In this example, the first row of the dataset tells us that if a person were to buy bottled water, then they are also likely to purchase UHT-milk.

To get the most frequent item combinations in the entire dataset, let’s sort the dataset by support, confidence, and lift:

In [10]:
rules.sort_values(["support", "confidence","lift"],axis = 0, ascending = False).head(8)
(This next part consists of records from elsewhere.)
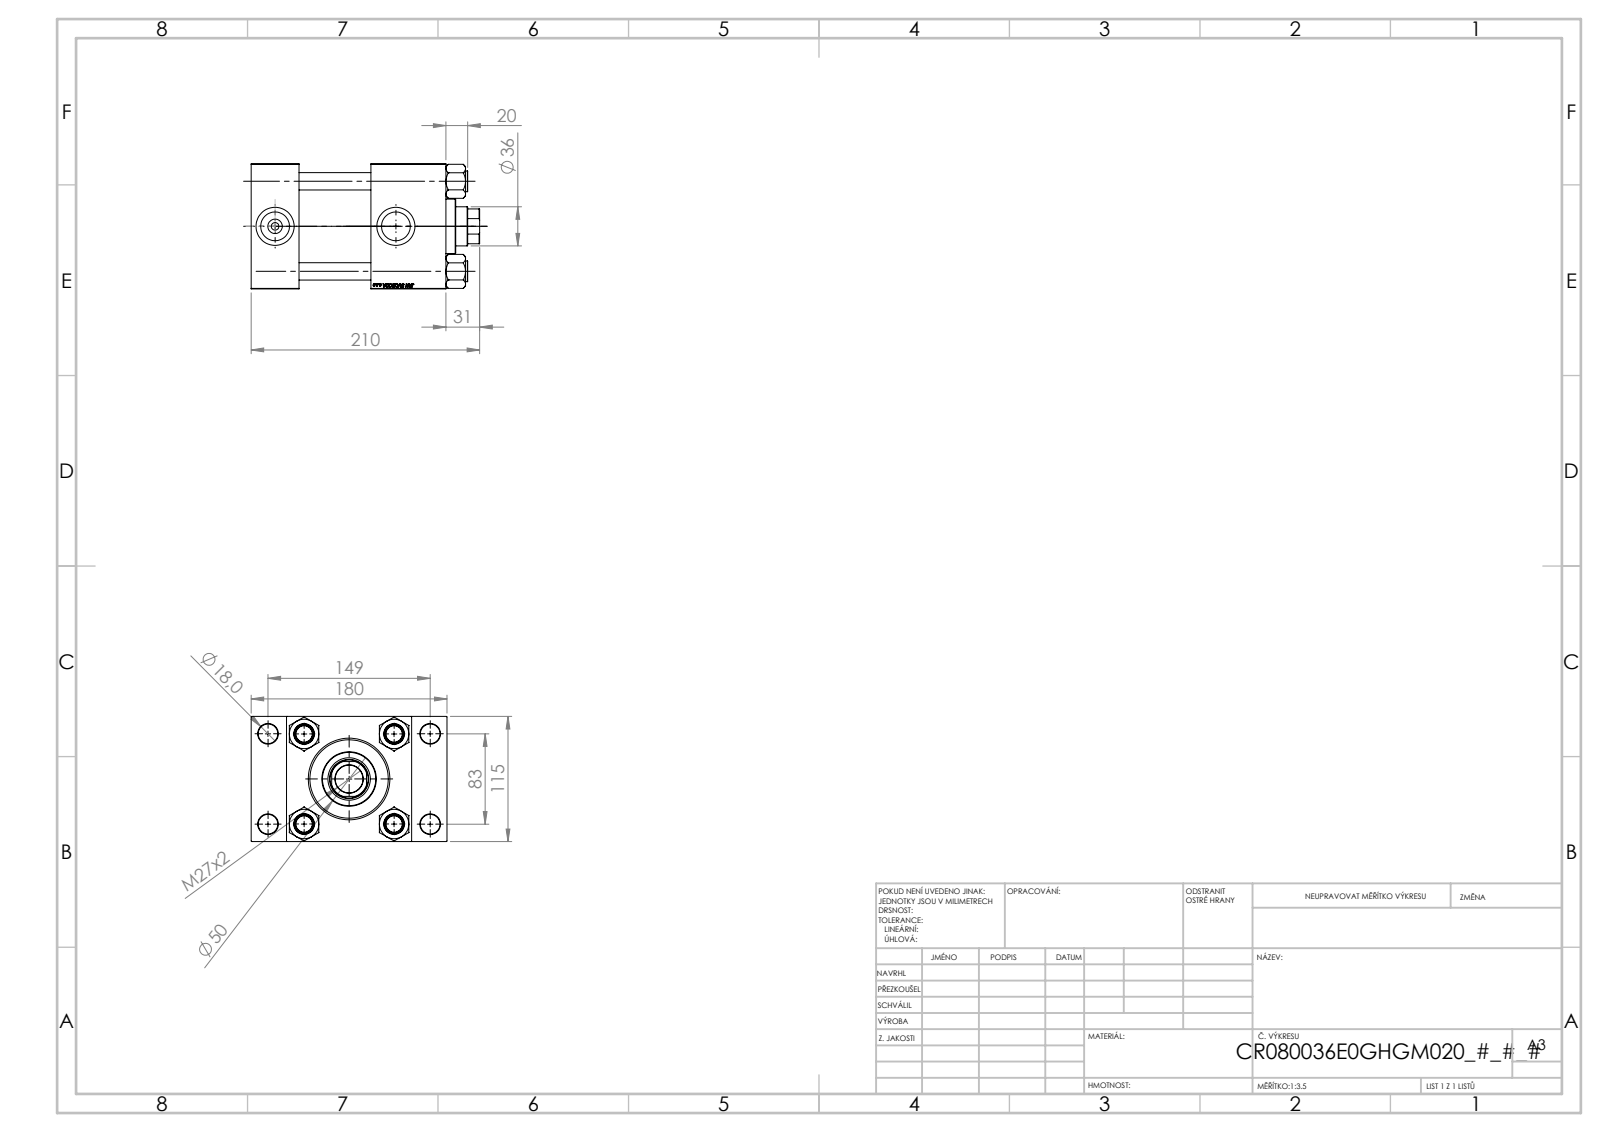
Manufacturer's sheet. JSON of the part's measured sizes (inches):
{"part_name": "V215CR_TYCINKA_E; V215CR_VCP_E; V215CR_E_Body; NUT_M5_E (+1 more)", "step_written_by": "SolidWorks 2019 (CONFIG_CONTROL_DESIGN)", "units": "inches", "bodies": {"solids": 11, "faces": 1190, "planar": 548, "cylindrical": 90, "other": 552}, "overall_size": [8.268, 7.087, 4.528], "volume_in3": 127.2, "surface_area_in2": 481, "round_holes": [[0.63, 4], [0.709, 4], [0.098, 2], [0.276, 2], [1.041, 2], [1.378, 2], [1.004, 1], [1.417, 1], [1.535, 1], [2.402, 1], [2.835, 1], [3.15, 1]], "round_bosses_or_shafts": [[0.748, 4], [3.386, 1], [1.969, 1]], "partial_cylinders_radius": [[0.689, 1]], "face_to_face_distances": [4.528, 1.732, 7.047, 5.315, 1.28, 5.807, 4.331, 2.598, 2.717, 0.787], "hole_center_spacings": [1.305, 1.652, 2.276, 2.302, 3.256, 3.357, 3.393, 3.513]}
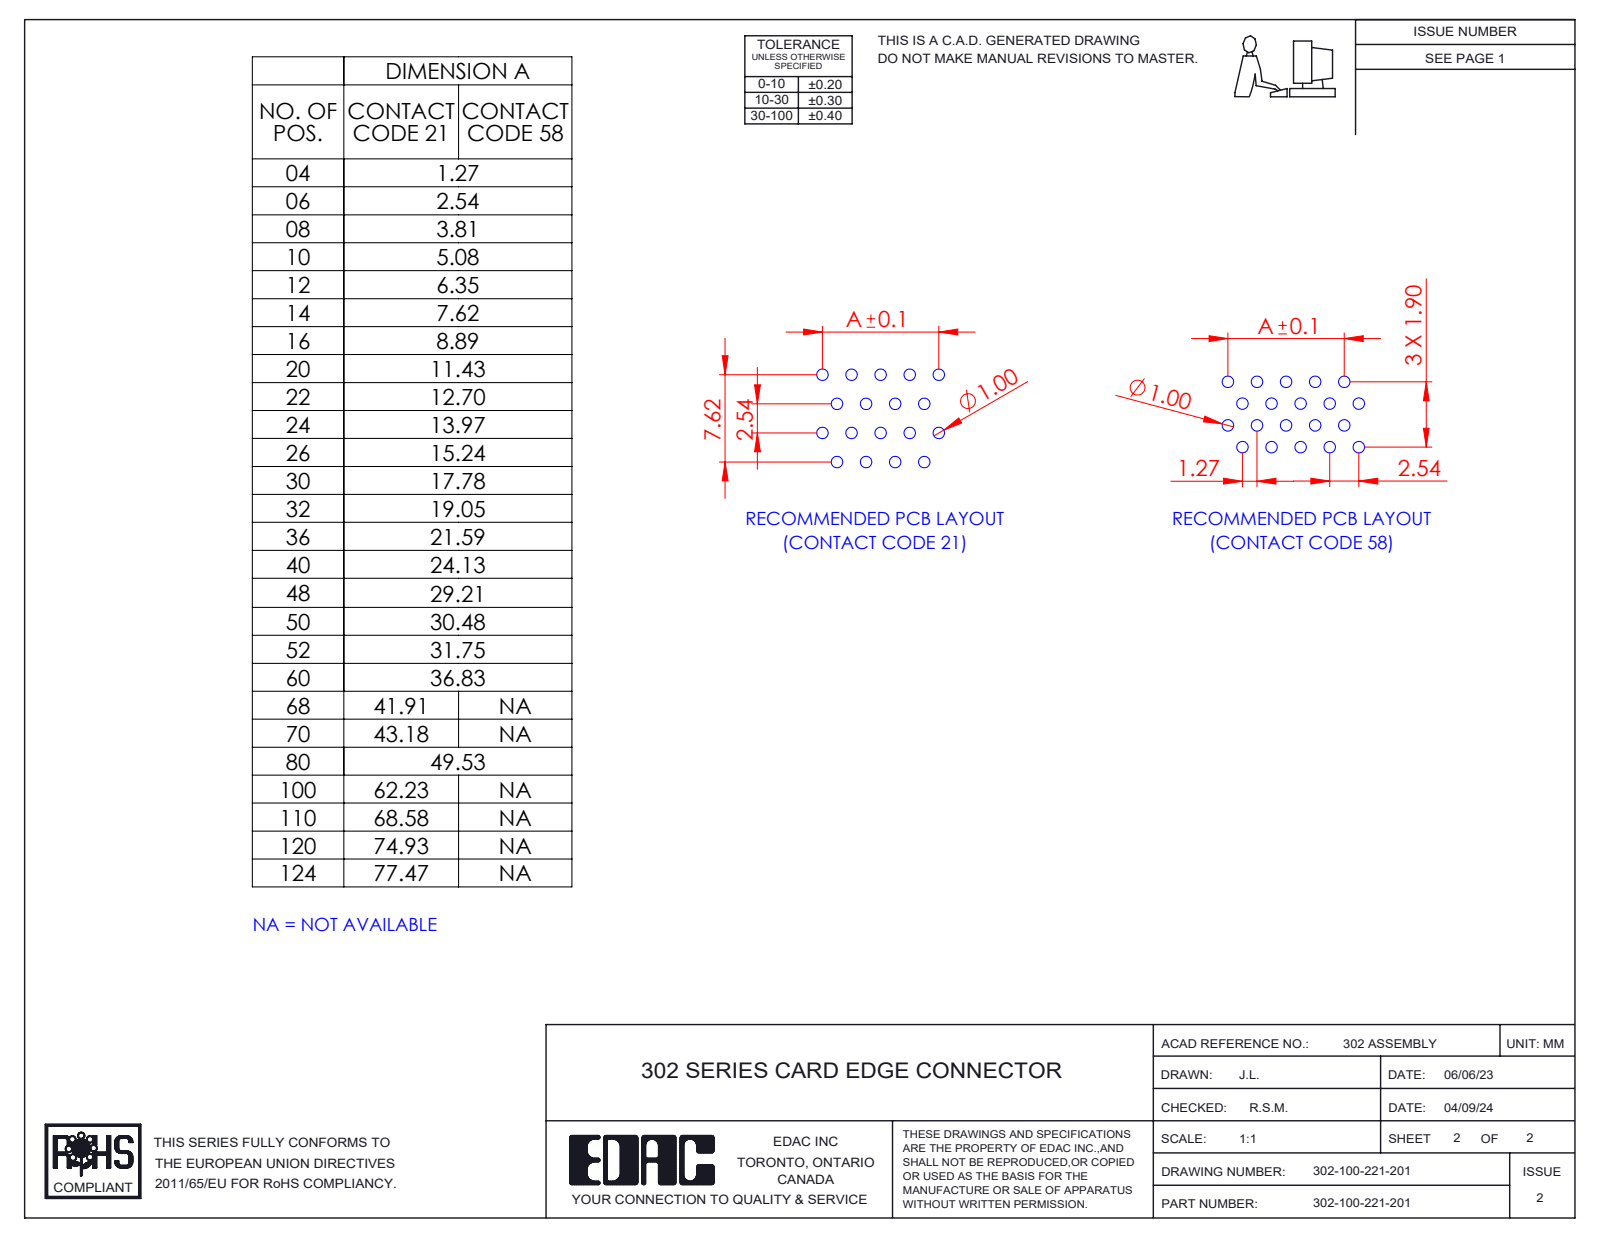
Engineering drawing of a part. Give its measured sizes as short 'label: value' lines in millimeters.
name: Contact_302-290-X21 (2); Contact_302-290-X21 (1); 302-100-221-201; HSG_Vertical HSG
written by: SolidWorks 2023 (CONFIG_CONTROL_DESIGN)
unit: mm
bodies: 101 solids, 4616 faces (3399 planar, 1013 cylindrical, 204 other)
size: 69.6 × 17.63 × 8.88
volume: 5 324 mm³; area: 15 070 mm²
rounds: 108× R0.2, 4× R2.03, 4× R2.09, 2× R0.11, 2× R0.4, 2× R0.41, 2× R1.25, 2× R1.53
face distances: 8.88, 2.54, 1.27, 5.08, 3.81, 7.62, 6.35, 8.89, 10.16, 3.49
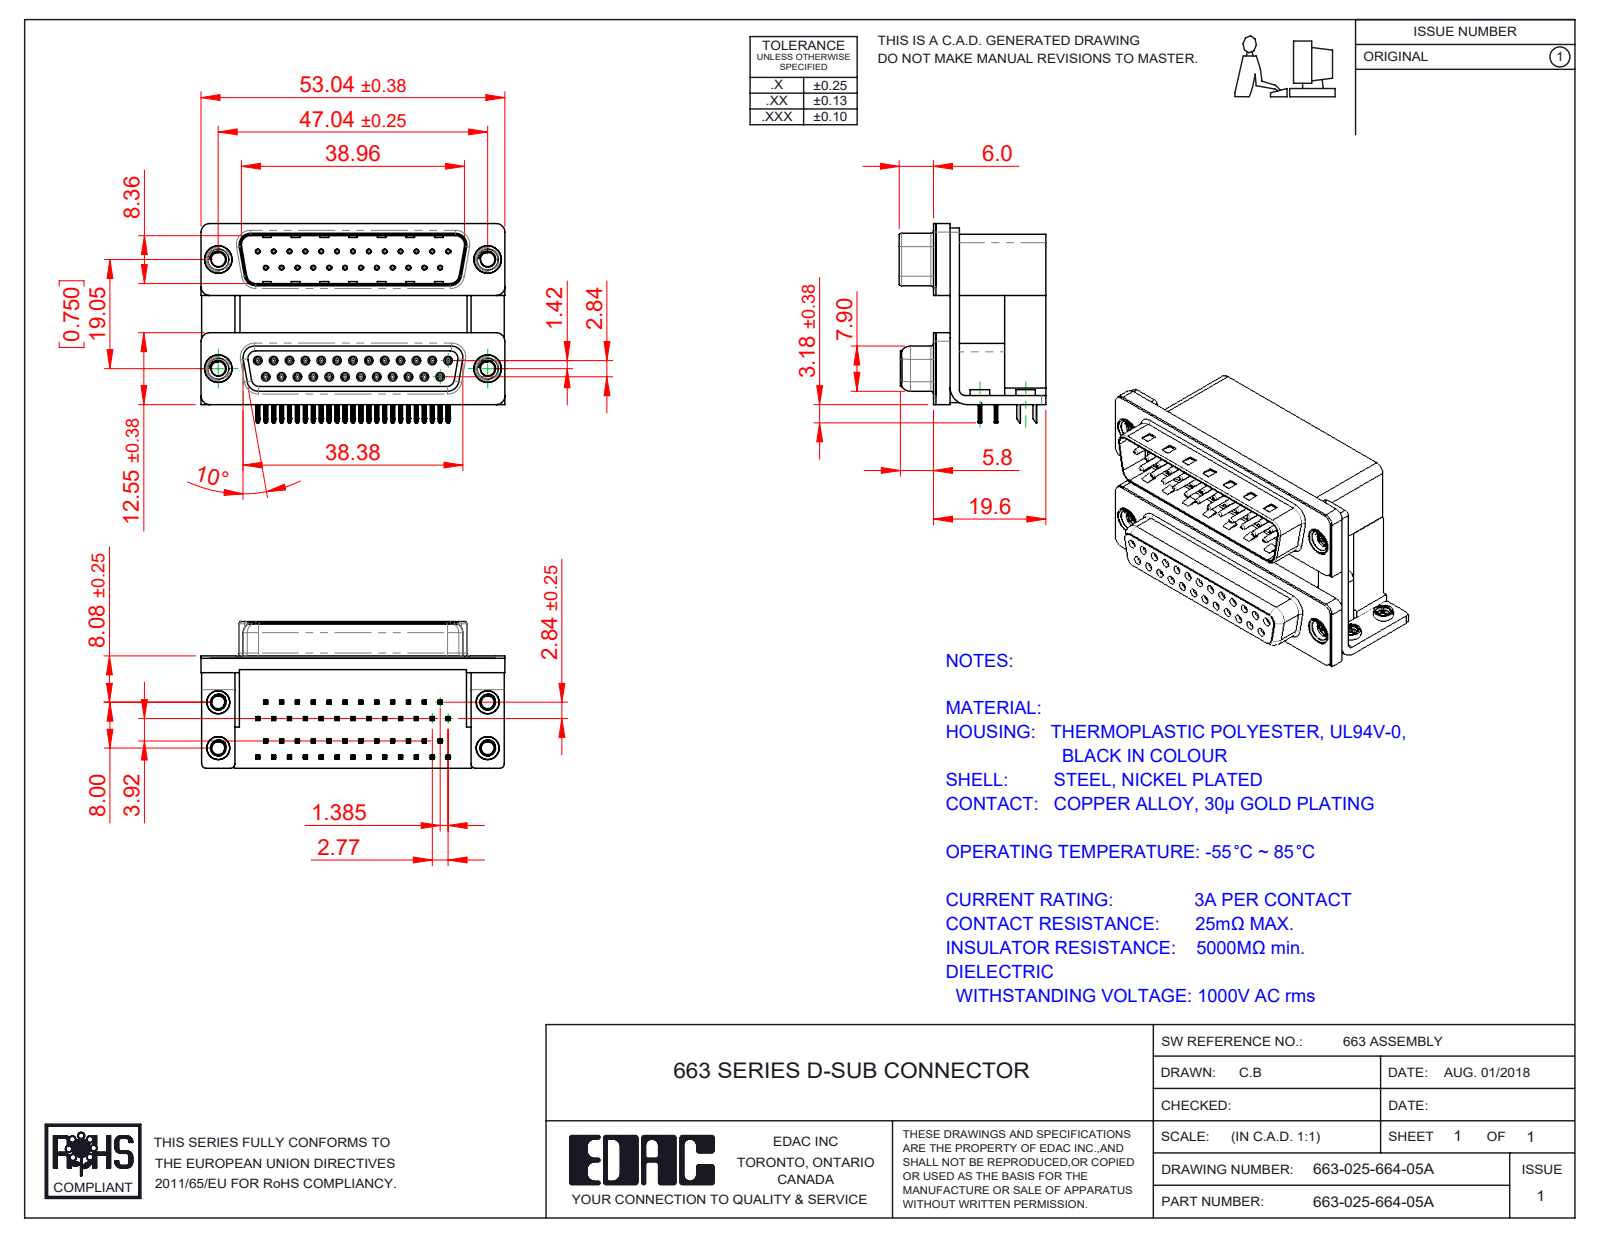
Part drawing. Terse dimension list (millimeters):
name: 663 Housing Spacer_25 Contacts M; 663 Mounting Bracket_ThruM; 663-025-664-05A; 663 Contact Top Upper_M (+8 more)
written by: SolidWorks 2020 (CONFIG_CONTROL_DESIGN)
unit: mm
bodies: 65 solids, 6347 faces (3269 planar, 1627 cylindrical, 1451 other)
size: 53.04 × 34.78 × 25.6
volume: 22 599 mm³; area: 24 154 mm²
holes: 50× ⌀0.8, 25× ⌀0.35, 25× ⌀0.9, 4× ⌀2.26, 4× ⌀2.5, 4× ⌀2.75, 4× ⌀3.2, 4× ⌀3.5, 4× ⌀4, 4× ⌀4.8, 4× ⌀5
bosses: 25× ⌀1.2, 25× ⌀0.75, 4× ⌀4.9, 4× ⌀4.75, 4× ⌀4, 4× ⌀3.9, 4× ⌀3.4
rounds: 200× R0.1, 100× R0.15, 100× R0.25, 50× R0.12, 50× R0.35, 25× R0.34, 14× R1.5, 12× R0.28
face distances: 19.2, 0.4, 7.2, 12, 10.69, 16.7, 9.5, 2.5, 18.71, 29.4
hole spacings: 3.16, 2.77, 5.54, 11.08, 8.31, 5.03, 13.85, 7.48

Unnamed: 0,antecedents,consequents,antecedent support,consequent support,support,confidence,lift,leverage,conviction,zhangs_metric
623,(rolls/buns),(whole milk),0.110005,0.157923,0.013968,0.126974,0.804028,-0.003404,0.96455,-0.214986
622,(whole milk),(rolls/buns),0.157923,0.110005,0.013968,0.088447,0.804028,-0.003404,0.97635,-0.224474
695,(yogurt),(whole milk),0.085879,0.157923,0.011161,0.129961,0.82294,-0.002401,0.967861,-0.190525
694,(whole milk),(yogurt),0.157923,0.085879,0.011161,0.070673,0.82294,-0.002401,0.983638,-0.203508
550,(soda),(other vegetables),0.097106,0.122101,0.009691,0.099794,0.817302,-0.002166,0.975219,-0.198448
551,(other vegetables),(soda),0.122101,0.097106,0.009691,0.079365,0.817302,-0.002166,0.980729,-0.202951
649,(sausage),(whole milk),0.060349,0.157923,0.008955,0.148394,0.939663,-0.000575,0.988811,-0.063965
648,(whole milk),(sausage),0.157923,0.060349,0.008955,0.056708,0.939663,-0.000575,0.99614,-0.070851


The resulting table shows that the four most popular product combinations that are frequently bought together are:

  * Rolls And Milk
  * Yogurt and Milk
  * Sausages and Milk
  * Soda and Vegetables
  
One reason for this could be that the grocery store ran a promotion on these items together or displayed them within the same line of sight to improve sales.